The Milagres Cathedral is a Cathedral dedicated to Our Lady of Miracles. Built about the same time as the Milagres church, Mangalore, it was founded according to the treaty between the Portuguese and Queen Keladi Chennamma of Bednore who ruled over Canara from 1671 to 1697. In 1678, the Portuguese hierarchy of Goa established this church of 'Nostra Senhora de Milagres' (Our Lady of the Miracles), popularly known as the Milagres Church. Tipu Sultan destroyed this church in 1784. After the return of the captives from Srirangapatna, the church was rebuilt in 1806. The existing structure was constructed in 1941.

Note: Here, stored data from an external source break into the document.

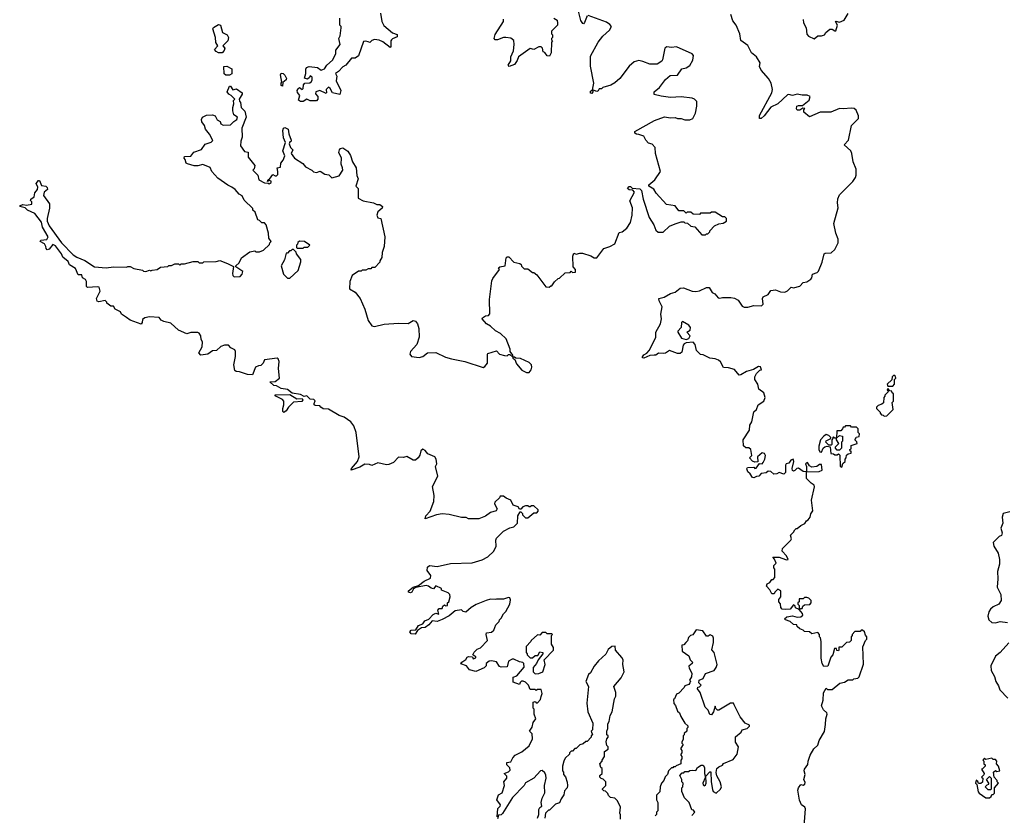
# Model space of a CAD drawing. Extents: x 2494118 to 2687960, y 757339 to 915227.
# Tile 283 of 364: x 2613580 to 2621728, y 900848 to 907431. Entities that reach past the tile are written whole.
import ezdxf

# ---------------------------------------------------------------- set-up
doc = ezdxf.new("R2010")
doc.units = 0

msp = doc.modelspace()

# ---------------------------------------------------------------- linework, layer by layer
at = {"layer": '0CON20XD'}
for points in [[(2615808, 906488), (2615827.5, 906435), (2615825, 906420), (2615815, 906420), (2615810, 906405), (2615820, 906375), (2615840, 906355), (2615826.7, 906325), (2615854.3, 906284.3), (2615922, 906242), (2615945, 906212.5), (2615997, 906187), (2616011.7, 906171.7), (2616035, 906167.5), (2616067, 906177), (2616105, 906153.3), (2616137, 906147), (2616163.8, 906123.8), (2616225, 906140), (2616253.3, 906185), (2616252.5, 906205), (2616240, 906235), (2616242.5, 906285), (2616221.7, 906331.7), (2616226.7, 906355), (2616235, 906366.7), (2616255, 906370), (2616295, 906342.5), (2616317.3, 906307.3), (2616333.8, 906255), (2616364.2, 906205), (2616370.7, 906140.7), (2616380, 906115), (2616362.5, 906055), (2616380, 906035), (2616380, 905955), (2616423, 905933), (2616507, 905917), (2616535, 905902.5), (2616561.7, 905901.7), (2616582.5, 905885), (2616579.3, 905870.7), (2616545, 905842.5), (2616536.7, 905815), (2616545, 905792.5), (2616570, 905785), (2616602.5, 905635), (2616597.5, 905555), (2616580, 905505), (2616577, 905463), (2616560, 905435), (2616560, 905425), (2616518.3, 905381.7), (2616495, 905380), (2616485, 905370), (2616465, 905370), (2616445, 905360), (2616415, 905360), (2616405, 905350), (2616385, 905350), (2616332.5, 905315), (2616313.3, 905265), (2616310, 905205), (2616356.4, 905176.4), (2616396.7, 905125), (2616437.3, 905037.3), (2616462.7, 904942.7), (2616495, 904897.5), (2616515, 904892.5), (2616597, 904913), (2616715, 904920), (2616795, 904917.5), (2616835, 904943.3), (2616855, 904936.7), (2616871.2, 904915), (2616883.3, 904875), (2616886.4, 904803.6), (2616866.7, 904745), (2616814, 904685), (2616810, 904665), (2616822.5, 904645), (2616886.4, 904636.4), (2616915, 904643.8), (2616955.9, 904674.1), (2617025, 904678.8), (2617105, 904638.8), (2617153.9, 904623.9), (2617265, 904604), (2617415, 904553.3), (2617429.3, 904560.7), (2617451.7, 904588.3), (2617450, 904665), (2617455, 904670), (2617525, 904690), (2617550, 904665), (2617591.7, 904651.7), (2617615, 904650), (2617625, 904660), (2617635, 904660), (2617660, 904640), (2617660, 904655), (2617640, 904685), (2617640, 904705), (2617605, 904790), (2617560, 904835), (2617516.4, 904856.4), (2617477.5, 904895), (2617444.1, 904914.1), (2617407.5, 904955), (2617410, 904965), (2617435, 904980), (2617460, 904985), (2617471.7, 904998.3), (2617467.5, 905115), (2617488.3, 905271.7), (2617495, 905290), (2617550, 905365), (2617541.7, 905378.3), (2617552.5, 905387.5), (2617597.5, 905395), (2617605, 905460), (2617615, 905468.8), (2617628.3, 905468.3), (2617670, 905425), (2617720, 905415), (2617730, 905405), (2617731.7, 905391.7), (2617755, 905370), (2617785, 905370), (2617825, 905340), (2617835, 905340), (2617859.3, 905319.3), (2617935, 905220), (2617961.7, 905218.3), (2617975, 905230), (2617985, 905230), (2618007, 905263), (2618035, 905290), (2618048.3, 905291.7), (2618093, 905337), (2618135, 905340), (2618145, 905350), (2618155, 905340), (2618178.3, 905341.7), (2618180, 905365), (2618160, 905385), (2618157.5, 905475), (2618165, 905500), (2618185, 905490), (2618215, 905500), (2618238.3, 905498.3), (2618307.7, 905477.7), (2618335, 905461.2), (2618355, 905461.2), (2618415, 905536.7), (2618465, 905553.8), (2618505, 905576.7), (2618540.7, 905669.3), (2618565, 905676.7), (2618604.2, 905705.8), (2618635, 905752.5), (2618647.3, 905812.7), (2618652, 905875), (2618628.3, 905931.7), (2618666.7, 906005), (2618655, 906020), (2618625, 906022.5), (2618610, 906035), (2618625, 906050), (2618635, 906050), (2618648.3, 906038.3), (2618711.7, 906031.7), (2618727, 906017), (2618740, 905945), (2618790, 905795), (2618826.7, 905735), (2618845, 905690), (2618863, 905673), (2618905, 905672.5), (2618958.3, 905721.7), (2619005, 905742.5), (2619055, 905757.5), (2619075, 905757.5), (2619085, 905750), (2619107, 905747), (2619135, 905722.5), (2619168.3, 905718.3), (2619225, 905650), (2619255, 905650), (2619265, 905660), (2619275, 905660), (2619290, 905675), (2619290, 905685), (2619330, 905725), (2619365, 905742.5), (2619401.7, 905748.3), (2619430, 905765), (2619430, 905785), (2619415, 905800), (2619395, 905800), (2619335, 905840), (2619305, 905840), (2619295, 905830), (2619215, 905830), (2619205, 905820), (2619153, 905823), (2619135, 905840), (2619105, 905840), (2619095, 905830), (2619075, 905850), (2619035, 905850), (2619005, 905890), (2618931.7, 905901.7), (2618847, 905997), (2618827.7, 906027.7), (2618787.5, 906055), (2618787.5, 906065), (2618835, 906107.5), (2618882.5, 906175), (2618842.5, 906325), (2618840, 906375), (2618815, 906400), (2618785, 906410), (2618762.5, 906435), (2618745, 906467.5), (2618705, 906482.5), (2618683.3, 906483.3), (2618671.7, 906491.7), (2618670, 906505), (2618833.3, 906596.7), (2618915, 906627.5), (2618965, 906620), (2619005, 906622.5), (2619025, 906612.5), (2619055, 906612.5), (2619085, 906602.5), (2619125, 906602.5), (2619150, 906615), (2619171.7, 906658.3), (2619182.5, 906715), (2619182.5, 906755), (2619165, 906772.5), (2619145, 906782.5), (2619055, 906792.5), (2618965, 906787.5), (2618888.3, 906798.3), (2618831.7, 906811.7), (2618830, 906835), (2618875, 906870), (2618923.6, 906936.4), (2618961.7, 906968.3), (2619025, 906973.3), (2619060, 907025), (2619095, 907033.3), (2619125, 907053.3), (2619151.2, 907095), (2619156, 907135), (2619145, 907148.8), (2619015, 907206), (2618975, 907202), (2618935, 907206.2), (2618918.8, 907195), (2618900.7, 907099.3), (2618893, 907087), (2618856.1, 907063.9), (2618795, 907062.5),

Today the parish has more than 400 families as its parishioners. It also runs 2 schools and a college. It is a major landmark in the area and the people are proud to have such prestigious institutions in the vicinity.

===Mount Rosary Church===

The place has another Catholic place of worship named the Mount Rosary Church or Church of the Mount Rosary, which came into existence in 1837 at the time of the Goan schism when some Catholic families withdrew from their Parish Church of Our Lady of Miracles and acknowledged the jurisdiction of the Vicar Apostolic of Verapoly. They built a church only a few yards away from the Milagres Cathedral. Since then it has undergone alterations and additions.

== Other institutions ==
The Milagres church operates two primary schools, two high schools, PU college, Degree college and a PG institution (Commerce & Social work). The Sisters of Queen of the Apostles congregation maintain the Goretti hospital and Ozanam, a home for the aged. Recently an ultra modern centre named Cynthia Fernandes Memorial Palliative Care Centre was set up with a view to rehabilitating and caring for cancer patients. The Mount Rosary Church also runs an English Medium School.

Various banks like Syndicate Bank, Canara Bank, ICICI Bank, Corporation Bank, Vijaya Bank, State Bank Of India have their branches here.